Okres przedświąteczny
zwykle politycznie bywał u nas spokojny, publika w skupieniu oddawała się
grabieniu supermarketów, w tym roku niestety tak nie jest. Tylnymi drzwiami ten
cholerny rząd usiłuje wprowadzić nam pakt fiskalny, co oddaje sterowanie
finansami do Brukseli, znowu rusza sprawa cenzurowania Internetu, dla zasłonięcia
tych tajnych działań gada się o zwrocie wraku smoleńskiego.
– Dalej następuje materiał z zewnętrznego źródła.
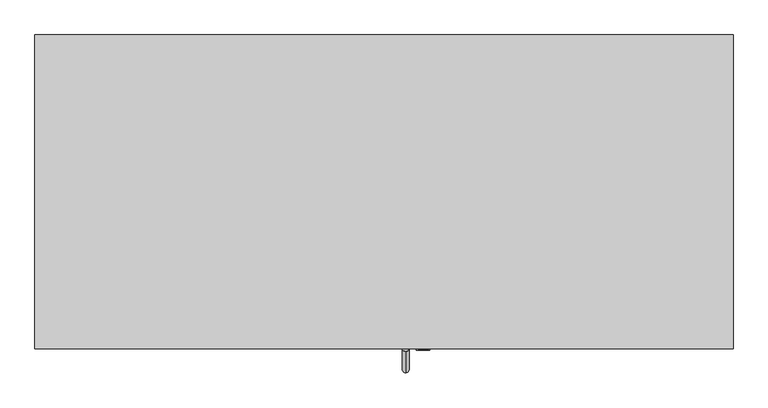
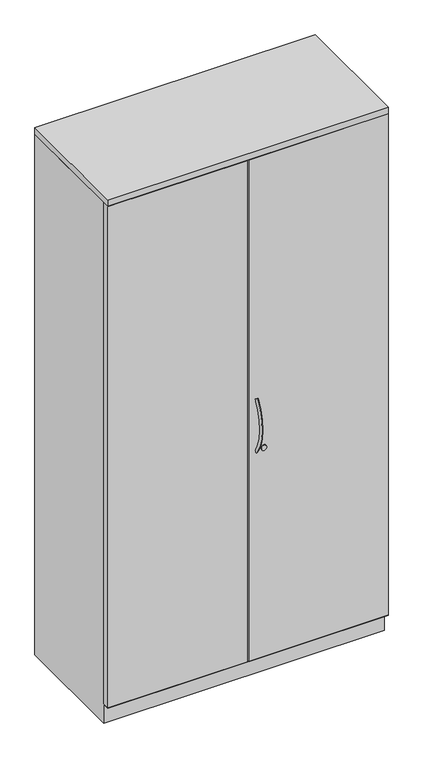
"""IFC4 building model written with IfcOpenShell, lengths in millimetres: furniture geometry, Steelcase - Universal Storage - Cabinet - Storage - 66H-84H - Proud Steel : 84H x 18D x 42W."""

from ifc_helpers import new_model, si_unit, point, frame, frame_2d, origin, place, context, project, spatial, polyline, circle_curve, ellipse_curve, trimmed, segment, composite_curve, outline, extrude, faceted_brep, source, transform, mapped, element, save
from ifc_brep_helpers import plane_surface, revolved_surface, advanced_brep


def furniture_a60df7db(model_context):
    return source(origin(), model_context, "Body", "SolidModel", [
        extrude(outline(polyline([(1066.8, 0.0), (1066.8, -479.552), (0.0, -479.552), (0.0, 0.0), (1066.8, 0.0)])), frame((0.0, 0.0, 2095.5), z_axis=(0.0, 0.0, 1.0), x_axis=(1.0, 0.0, 0.0)), (0.0, 0.0, 1.0), 25.4),
        extrude(outline(polyline([(0.0, -479.552), (0.0, -454.1528418), (530.86, -454.1528418), (530.86, -479.552), (0.0, -479.552)])), frame((0.0, 0.0, 77.724), z_axis=(0.0, 0.0, 1.0), x_axis=(1.0, 0.0, 0.0)), (0.0, 0.0, 1.0), 2016.252),
        extrude(outline(polyline([(1066.8, -454.1528418), (1066.8, -479.552), (535.94, -479.552), (535.94, -454.1528418), (1066.8, -454.1528418)])), frame((0.0, 0.0, 77.724), z_axis=(0.0, 0.0, 1.0), x_axis=(1.0, 0.0, 0.0)), (0.0, 0.0, 1.0), 2016.252),
        extrude(outline(composite_curve([segment(trimmed(circle_curve(frame_2d((917.702, 592.9418131)), 10.16), [point((917.702, 603.1018131))], [point((917.702, 582.7818131))], False, "CARTESIAN"), True, "CONTINUOUS"), segment(trimmed(circle_curve(frame_2d((917.702, 592.9418131)), 10.16), [point((917.702, 582.7818131))], [point((917.702, 603.1018131))], False, "CARTESIAN"), True, "CONTINUOUS")], self_intersect=False)), frame((0.0, -481.965031, 0.0), z_axis=(0.0, 1.0, 0.0), x_axis=(0.0, 0.0, 1.0)), (0.0, 0.0, 1.0), 2.413031),
        advanced_brep(
        [(566.4783765, -474.9744318, 1119.7196018), (566.4783765, -483.5741633, 1125.3900503), (566.4783765, -472.5471581, 911.9931915), (566.4783765, -481.0120418, 906.1233437)],
        [
            (0, 1, circle_curve(frame((566.4783765, -479.2742976, 1122.5548261), z_axis=(0.0, 0.5504787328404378, 0.83484918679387), x_axis=(0.0, -0.83484918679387, 0.5504787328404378)), 5.1504701)),
            (1, 0, circle_curve(frame((566.4783765, -479.2742976, 1122.5548261), z_axis=(0.0, 0.5504787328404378, 0.83484918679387), x_axis=(0.0, -0.83484918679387, 0.5504787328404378)), 5.1504701)),
            (2, 3, circle_curve(frame((566.4783765, -476.7796, 909.0582676), z_axis=(0.0, 0.5698361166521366, -0.8217583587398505), x_axis=(0.0, -0.8217583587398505, -0.5698361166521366)), 5.1504701)),
            (3, 2, circle_curve(frame((566.4783765, -476.7796, 909.0582676), z_axis=(0.0, 0.5698361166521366, -0.8217583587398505), x_axis=(0.0, -0.8217583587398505, -0.5698361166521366)), 5.1504701)),
            (3, 1, circle_curve(frame((566.4783765, -320.178461, 1017.6509992), z_axis=(-1.0, 0.0, 0.0), x_axis=(0.0, -0.83484918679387, 0.5504787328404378)), 195.7188256)),
            (0, 2, circle_curve(frame((566.4783765, -320.178461, 1017.6509992), z_axis=(1.0, 0.0, 0.0), x_axis=(0.0, -0.83484918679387, 0.5504787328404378)), 185.4178854)),
        ],
        [
            plane_surface(frame((566.4783765, -479.2742976, 1122.5548261), z_axis=(0.0, 0.5504787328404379, 0.83484918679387), x_axis=(-1.0, 0.0, 0.0))),
            plane_surface(frame((566.4783765, -476.7796, 909.0582676), z_axis=(0.0, 0.5698361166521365, -0.8217583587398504), x_axis=(-1.0, 0.0, 0.0))),
            revolved_surface(trimmed(ellipse_curve(frame((566.4783765, -479.2742976, 1122.5548261), z_axis=(0.0, 0.5504787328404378, 0.83484918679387), x_axis=(0.0, -0.83484918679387, 0.5504787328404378)), 5.1504701, 5.1504701), [point((566.4783765, -474.9744318, 1119.7196018))], [point((566.4783765, -483.5741633, 1125.3900503))], True, "CARTESIAN"), (566.4783765, -320.178461, 1017.6509992), (1.0, 0.0, 0.0)),
            revolved_surface(trimmed(ellipse_curve(frame((566.4783765, -479.2742976, 1122.5548261), z_axis=(0.0, 0.5504787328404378, 0.83484918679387), x_axis=(0.0, -0.83484918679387, 0.5504787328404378)), 5.1504701, 5.1504701), [point((566.4783765, -483.5741633, 1125.3900503))], [point((566.4783765, -474.9744318, 1119.7196018))], True, "CARTESIAN"), (566.4783765, -320.178461, 1017.6509992), (1.0, 0.0, 0.0)),
        ],
        [
            (0, [[1, 2]]),
            (1, [[3, 4]]),
            (2, [[5, -1, 6, -4]]),
            (3, [[-6, -2, -5, -3]]),
        ],
    ),
        extrude(outline(composite_curve([segment(trimmed(circle_curve(frame_2d((919.3669832, 593.2109835)), 9.7167829), [point((919.3669832, 602.9277664))], [point((919.3669832, 583.4942006))], False, "CARTESIAN"), True, "CONTINUOUS"), segment(trimmed(circle_curve(frame_2d((919.3669832, 593.2109835)), 9.7167829), [point((919.3669832, 583.4942006))], [point((919.3669832, 602.9277664))], False, "CARTESIAN"), True, "CONTINUOUS")], self_intersect=False)), frame((0.0, -480.2215275, 0.0), z_axis=(0.0, 1.0, 0.0), x_axis=(0.0, 0.0, 1.0)), (0.0, 0.0, 1.0), 0.6695275),
        faceted_brep([(1066.8, 0.0, 0.0), (1066.8, -452.6288432, 0.0), (0.0, -452.6288432, 0.0), (0.0, 0.0, 0.0), (0.0, 0.0, 2093.976), (1066.8, 0.0, 2093.976), (0.0, -452.6288432, 76.2), (0.0, -479.552, 76.2), (0.0, -479.552, 77.724), (0.0, -452.6288432, 77.724), (0.0, -452.6288432, 2093.976), (1066.8, -452.6288432, 76.2), (1066.8, -452.6288432, 2093.976), (1066.8, -452.6288432, 77.724), (1066.8, -479.4258418, 77.724), (1066.8, -479.552, 76.2), (1041.4000242, -25.4000008, 2093.976), (1041.4000242, -452.6288432, 2093.976), (25.3999758, -452.6288432, 2093.976), (25.3999758, -25.4000008, 2093.976), (1041.4000242, -25.4000008, 77.724), (1041.4000242, -452.6288432, 77.724), (25.3999758, -452.6288432, 77.724), (25.3999758, -25.4000008, 77.724), (4.6981334, -454.1528418, 77.724), (1041.4000242, -454.1528418, 77.724)], [[[0, 1, 2, 3]], [[0, 3, 4, 5]], [[4, 3, 2, 6, 7, 8, 9, 10]], [[2, 1, 11, 6]], [[1, 0, 5, 12, 13, 14, 15, 11]], [[16, 17, 12, 5, 4, 10, 18, 19]], [[17, 16, 20, 21]], [[12, 17, 21, 13]], [[18, 10, 9, 22]], [[19, 18, 22, 23]], [[16, 19, 23, 20]], [[8, 24, 25, 14, 13, 21, 20, 23, 22, 9]], [[15, 7, 6, 11]], [[24, 8, 7]], [[25, 24, 7, 15]], [[14, 25, 15]]]),
    ])


if __name__ == "__main__":
    model = new_model("IFC4")
    model_context = context("Model", 3, world=origin())
    ifc_project = project(units=[si_unit("LENGTHUNIT", "METRE", prefix="MILLI")], contexts=[model_context])
    site = spatial("IfcSite", under=ifc_project)
    building = spatial("IfcBuilding", under=site)
    placement = place(None, origin())
    furniture_shape = furniture_a60df7db(model_context)
    element("IfcFurniture", 1, ObjectType="Steelcase - Universal Storage - Cabinet - Storage - 66H-84H - Proud Steel : 84H x 18D x 42W", at=placement, inside=building, context=model_context, shape_type="MappedRepresentation", body=[
        mapped(furniture_shape, transform((0.0, 0.0, 0.0), x_axis=(1.0, 0.0, 0.0), y_axis=(0.0, 1.0, 0.0), z_axis=(0.0, 0.0, 1.0))),
    ])
    save(model, "model.ifc")
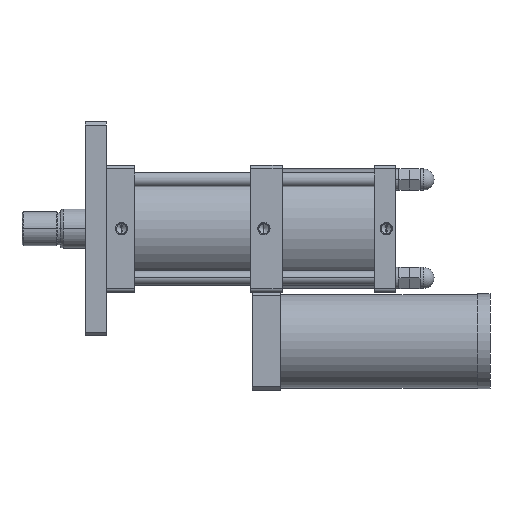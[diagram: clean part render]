
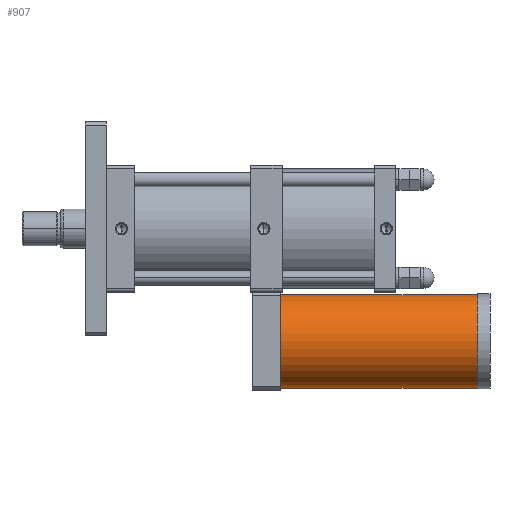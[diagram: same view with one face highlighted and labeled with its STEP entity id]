
A CAD part, front view. The second image highlights one B-rep face of the part: STEP entity #907.
In plain terms, the highlighted cylindrical face has radius 66.5 mm (diameter 133 mm), a partial arc.
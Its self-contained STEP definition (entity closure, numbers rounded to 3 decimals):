
#32 = CARTESIAN_POINT ( 'NONE',  ( 647.5, 0., -160. ) ) ;
#289 = CARTESIAN_POINT ( 'NONE',  ( 367.5, 0., -160. ) ) ;
#570 = VERTEX_POINT ( 'NONE', #1625 ) ;
#634 = CARTESIAN_POINT ( 'NONE',  ( 647.5, 0., -93.5 ) ) ;
#834 = CARTESIAN_POINT ( 'NONE',  ( 647.5, 0., -160. ) ) ;
#907 = ADVANCED_FACE ( 'NONE', ( #8618 ), #3088, .T. ) ;
#987 = DIRECTION ( 'NONE',  ( 0., 0., -1. ) ) ;
#1552 = DIRECTION ( 'NONE',  ( 0., 0., -1. ) ) ;
#1557 = ORIENTED_EDGE ( 'NONE', *, *, #5636, .T. ) ;
#1565 = VERTEX_POINT ( 'NONE', #6671 ) ;
#1625 = CARTESIAN_POINT ( 'NONE',  ( 367.5, 0., -226.5 ) ) ;
#2049 = ORIENTED_EDGE ( 'NONE', *, *, #4797, .F. ) ;
#2151 = CIRCLE ( 'NONE', #2791, 66.5 ) ;
#2165 = DIRECTION ( 'NONE',  ( 0., 0., 1. ) ) ;
#2791 = AXIS2_PLACEMENT_3D ( 'NONE', #834, #5747, #1552 ) ;
#3085 = AXIS2_PLACEMENT_3D ( 'NONE', #289, #5182, #987 ) ;
#3088 = CYLINDRICAL_SURFACE ( 'NONE', #3406, 66.5 ) ;
#3186 = EDGE_CURVE ( 'NONE', #5767, #570, #4597, .T. ) ;
#3406 = AXIS2_PLACEMENT_3D ( 'NONE', #32, #6340, #2165 ) ;
#3660 = CARTESIAN_POINT ( 'NONE',  ( 647.5, 0., -226.5 ) ) ;
#3819 = DIRECTION ( 'NONE',  ( -1., 0., 0. ) ) ;
#4597 = CIRCLE ( 'NONE', #3085, 66.5 ) ;
#4797 = EDGE_CURVE ( 'NONE', #7978, #1565, #2151, .T. ) ;
#5182 = DIRECTION ( 'NONE',  ( 1., 0., 0. ) ) ;
#5366 = CARTESIAN_POINT ( 'NONE',  ( 367.5, 0., -93.5 ) ) ;
#5636 = EDGE_CURVE ( 'NONE', #7978, #5767, #6279, .T. ) ;
#5747 = DIRECTION ( 'NONE',  ( 1., 0., 0. ) ) ;
#5753 = VECTOR ( 'NONE', #5775, 1000. ) ;
#5767 = VERTEX_POINT ( 'NONE', #5366 ) ;
#5775 = DIRECTION ( 'NONE',  ( -1., 0., 0. ) ) ;
#5926 = CARTESIAN_POINT ( 'NONE',  ( 647.5, 0., -93.5 ) ) ;
#6279 = LINE ( 'NONE', #5926, #8554 ) ;
#6340 = DIRECTION ( 'NONE',  ( -1., 0., 0. ) ) ;
#6671 = CARTESIAN_POINT ( 'NONE',  ( 647.5, 0., -226.5 ) ) ;
#6777 = EDGE_CURVE ( 'NONE', #1565, #570, #7554, .T. ) ;
#7554 = LINE ( 'NONE', #3660, #5753 ) ;
#7662 = ORIENTED_EDGE ( 'NONE', *, *, #6777, .F. ) ;
#7978 = VERTEX_POINT ( 'NONE', #634 ) ;
#7987 = EDGE_LOOP ( 'NONE', ( #7662, #2049, #1557, #8071 ) ) ;
#8071 = ORIENTED_EDGE ( 'NONE', *, *, #3186, .T. ) ;
#8554 = VECTOR ( 'NONE', #3819, 1000. ) ;
#8618 = FACE_OUTER_BOUND ( 'NONE', #7987, .T. ) ;
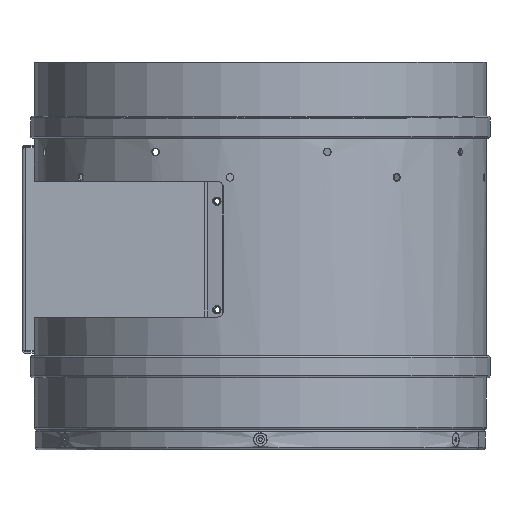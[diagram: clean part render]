
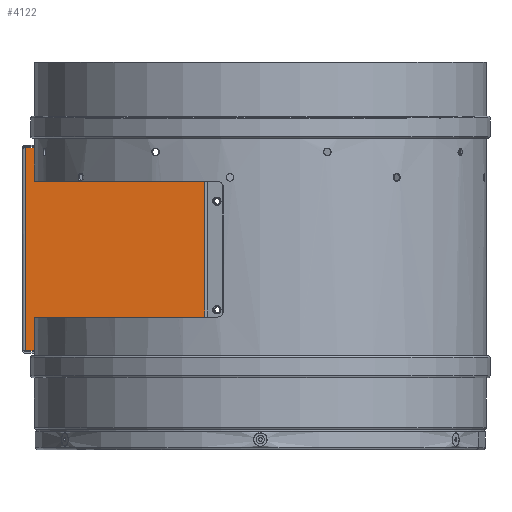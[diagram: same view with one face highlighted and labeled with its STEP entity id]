
A CAD part, left-side view. The second image highlights one B-rep face of the part: STEP entity #4122.
In plain terms, the highlighted planar face has unit normal (-1, 0, 0).
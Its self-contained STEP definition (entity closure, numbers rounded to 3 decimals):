
#1195 = DIRECTION ( 'NONE',  ( 0., 0., 1. ) ) ;
#1196 = CARTESIAN_POINT ( 'NONE',  ( -146.154, 125., -1278.722 ) ) ;
#1197 = DIRECTION ( 'NONE',  ( 0., -1., 0. ) ) ;
#1198 = DIRECTION ( 'NONE',  ( 0., 1., 0. ) ) ;
#1199 = DIRECTION ( 'NONE',  ( 0., 0., 1. ) ) ;
#1201 = CARTESIAN_POINT ( 'NONE',  ( -146.154, 129.9, -1278.722 ) ) ;
#1202 = DIRECTION ( 'NONE',  ( 0., 1., 0. ) ) ;
#1203 = CARTESIAN_POINT ( 'NONE',  ( -146.154, 30.77, -33.722 ) ) ;
#1207 = CARTESIAN_POINT ( 'NONE',  ( -146.154, 125., -52.422 ) ) ;
#1208 = CARTESIAN_POINT ( 'NONE',  ( -146.154, 125., 59.978 ) ) ;
#1212 = DIRECTION ( 'NONE',  ( 0., 0., -1. ) ) ;
#1213 = CARTESIAN_POINT ( 'NONE',  ( -146.154, 30.77, 41.278 ) ) ;
#1426 = AXIS2_PLACEMENT_3D ( 'NONE', #12834, #11787, #11788 ) ;
#2101 = EDGE_CURVE ( 'NONE', #5656, #8735, #11386, .T. ) ;
#2103 = EDGE_CURVE ( 'NONE', #8745, #5656, #11392, .T. ) ;
#2475 = LINE ( 'NONE', #1207, #2488 ) ;
#2480 = LINE ( 'NONE', #1213, #2482 ) ;
#2481 = LINE ( 'NONE', #1203, #2484 ) ;
#2482 = VECTOR ( 'NONE', #1212, 1000. ) ;
#2483 = LINE ( 'NONE', #1201, #2486 ) ;
#2484 = VECTOR ( 'NONE', #1202, 1000. ) ;
#2485 = LINE ( 'NONE', #1208, #2490 ) ;
#2486 = VECTOR ( 'NONE', #1199, 1000. ) ;
#2488 = VECTOR ( 'NONE', #1198, 1000. ) ;
#2489 = LINE ( 'NONE', #1196, #2492 ) ;
#2490 = VECTOR ( 'NONE', #1197, 1000. ) ;
#2492 = VECTOR ( 'NONE', #1195, 1000. ) ;
#4122 = ADVANCED_FACE ( 'NONE', ( #11428 ), #12838, .F. ) ;
#4412 = ORIENTED_EDGE ( 'NONE', *, *, #15439, .F. ) ;
#4532 = ORIENTED_EDGE ( 'NONE', *, *, #2101, .T. ) ;
#4558 = ORIENTED_EDGE ( 'NONE', *, *, #15444, .T. ) ;
#4561 = ORIENTED_EDGE ( 'NONE', *, *, #15440, .F. ) ;
#4595 = ORIENTED_EDGE ( 'NONE', *, *, #15441, .F. ) ;
#4627 = ORIENTED_EDGE ( 'NONE', *, *, #2103, .T. ) ;
#4657 = ORIENTED_EDGE ( 'NONE', *, *, #15443, .F. ) ;
#4690 = ORIENTED_EDGE ( 'NONE', *, *, #15442, .F. ) ;
#5195 = EDGE_LOOP ( 'NONE', ( #4595, #4690, #4558, #4561, #4412, #4627, #4532, #4657 ) ) ;
#5484 = VERTEX_POINT ( 'NONE', #9311 ) ;
#5656 = VERTEX_POINT ( 'NONE', #9459 ) ;
#8509 = VERTEX_POINT ( 'NONE', #9502 ) ;
#8643 = VERTEX_POINT ( 'NONE', #9663 ) ;
#8735 = VERTEX_POINT ( 'NONE', #9124 ) ;
#8745 = VERTEX_POINT ( 'NONE', #9598 ) ;
#8773 = VERTEX_POINT ( 'NONE', #9546 ) ;
#8888 = VERTEX_POINT ( 'NONE', #9428 ) ;
#9124 = CARTESIAN_POINT ( 'NONE',  ( -146.154, 125., 59.978 ) ) ;
#9311 = CARTESIAN_POINT ( 'NONE',  ( -146.154, 30.77, -33.722 ) ) ;
#9428 = CARTESIAN_POINT ( 'NONE',  ( -146.154, 125., -33.722 ) ) ;
#9459 = CARTESIAN_POINT ( 'NONE',  ( -146.154, 125., 41.278 ) ) ;
#9502 = CARTESIAN_POINT ( 'NONE',  ( -146.154, 125., -52.422 ) ) ;
#9546 = CARTESIAN_POINT ( 'NONE',  ( -146.154, 129.9, -52.422 ) ) ;
#9598 = CARTESIAN_POINT ( 'NONE',  ( -146.154, 30.77, 41.278 ) ) ;
#9663 = CARTESIAN_POINT ( 'NONE',  ( -146.154, 129.9, 59.978 ) ) ;
#9876 = CARTESIAN_POINT ( 'NONE',  ( -146.154, 125., -1278.722 ) ) ;
#10057 = DIRECTION ( 'NONE',  ( 0., 0., 1. ) ) ;
#10093 = DIRECTION ( 'NONE',  ( 0., 1., 0. ) ) ;
#10095 = CARTESIAN_POINT ( 'NONE',  ( -146.154, 30.77, 41.278 ) ) ;
#11386 = LINE ( 'NONE', #9876, #11391 ) ;
#11391 = VECTOR ( 'NONE', #10057, 1000. ) ;
#11392 = LINE ( 'NONE', #10095, #11395 ) ;
#11395 = VECTOR ( 'NONE', #10093, 1000. ) ;
#11428 = FACE_OUTER_BOUND ( 'NONE', #5195, .T. ) ;
#11787 = DIRECTION ( 'NONE',  ( 1., 0., 0. ) ) ;
#11788 = DIRECTION ( 'NONE',  ( 0., 0., -1. ) ) ;
#12834 = CARTESIAN_POINT ( 'NONE',  ( -146.154, 125., -1278.722 ) ) ;
#12838 = PLANE ( 'NONE',  #1426 ) ;
#15439 = EDGE_CURVE ( 'NONE', #8745, #5484, #2480, .T. ) ;
#15440 = EDGE_CURVE ( 'NONE', #5484, #8888, #2481, .T. ) ;
#15441 = EDGE_CURVE ( 'NONE', #8773, #8643, #2483, .T. ) ;
#15442 = EDGE_CURVE ( 'NONE', #8509, #8773, #2475, .T. ) ;
#15443 = EDGE_CURVE ( 'NONE', #8643, #8735, #2485, .T. ) ;
#15444 = EDGE_CURVE ( 'NONE', #8509, #8888, #2489, .T. ) ;
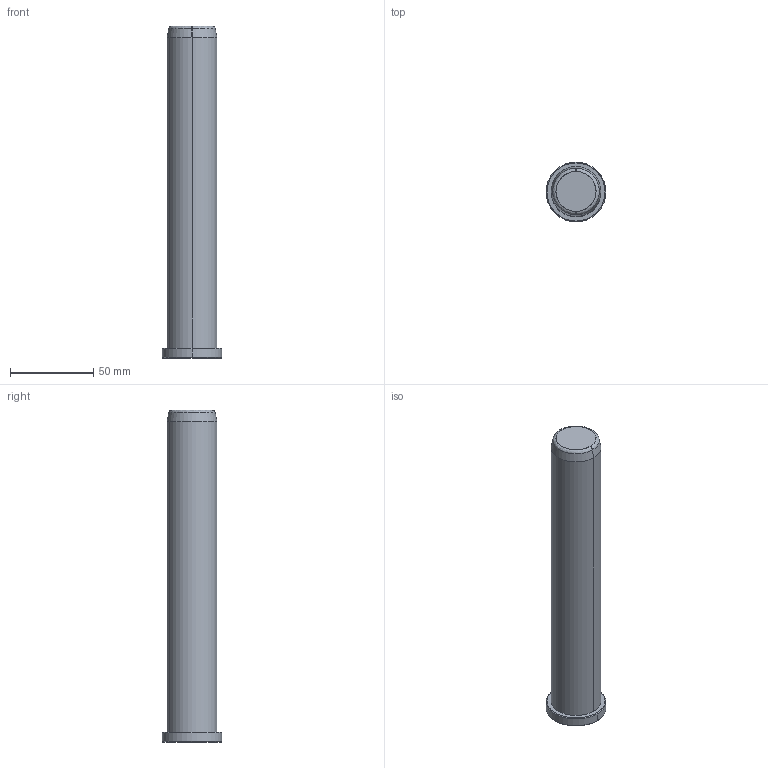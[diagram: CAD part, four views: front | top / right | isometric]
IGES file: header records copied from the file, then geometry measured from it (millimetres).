
Start section: START RECORD GO HERE.
Global section: file name: B81830200.igs; native system: DASSAULT SYSTEMES CATIA V5 R20 - www.3ds.com; preprocessor: CATIA Version 5 Release 20 ; author: Utente; organization: NB04-ASUS; date: 20200419.172037; units: millimetre
Bounding box: 36 x 36 x 200 mm (x, y, z)
Surface area: 20752.4 mm2 (no closed solid volume)
Topology: 0 solids, 0 shells, 17 faces, 68 edges, 68 vertices
Faces by surface type: revolution 14, plane 3

Dziennikarze
obywatelscy ucierpieli jak nigdy przedtem: a to jednemu spalono dom wraz ze znajdującymi
się tam psami, innego aresztowano na sali sądowej za jakąś dętą sprawę, zabrano
komputery rzekomo do analizy, na rynek sieciowy weszli niezbyt moim zdaniem
udani autorzy papierowych wydawnictw, sieciowcy zasilili za to papier, ale już widać,
że idzie im niesporo. No cóż, z piachu
jak powiadają bicza nie ukręcisz, pisałem już dawno, że taki facet nie nadaje się
do niczego innego, jak reedukacji – a tu masz babo placek, znajomy Długi Romek
uczynił zeń redaktora naczelnego. Podobno - jak było naprawdę nikt „nie
wskazany” nie wie. Selekcja negatywna ma się jak najlepiej… Z nieba poleciało
mnóstwo śnieżnego puchu, zasypało kompletnie i przykryło, może nawet tak jest
lepiej, idą prawdziwie zimowe Święta i tego całego świństwa jakiś czas nie
będzie widać.
Przyszła też niestety Pani
Śmierć i na pewno nie był to zbiorowy samobójca. Umarła moja mama, wczoraj
kolega zawiadomił mnie o śmierci swojej. Nie czynię z tego przedmiotu
publicznej analizy, tu zdecydowanie nie jestem ekshibicjonistą. Szkoda tylko
taka, że było do obgadania jeszcze tyle rzeczy… Nie zdążyliśmy. Trzeba będzie z
tym żyć dalej. Martwieją domy, w których spędzaliśmy dzieciństwo, zostaje tylko pamięć i imaginacja. Ale to też wiele...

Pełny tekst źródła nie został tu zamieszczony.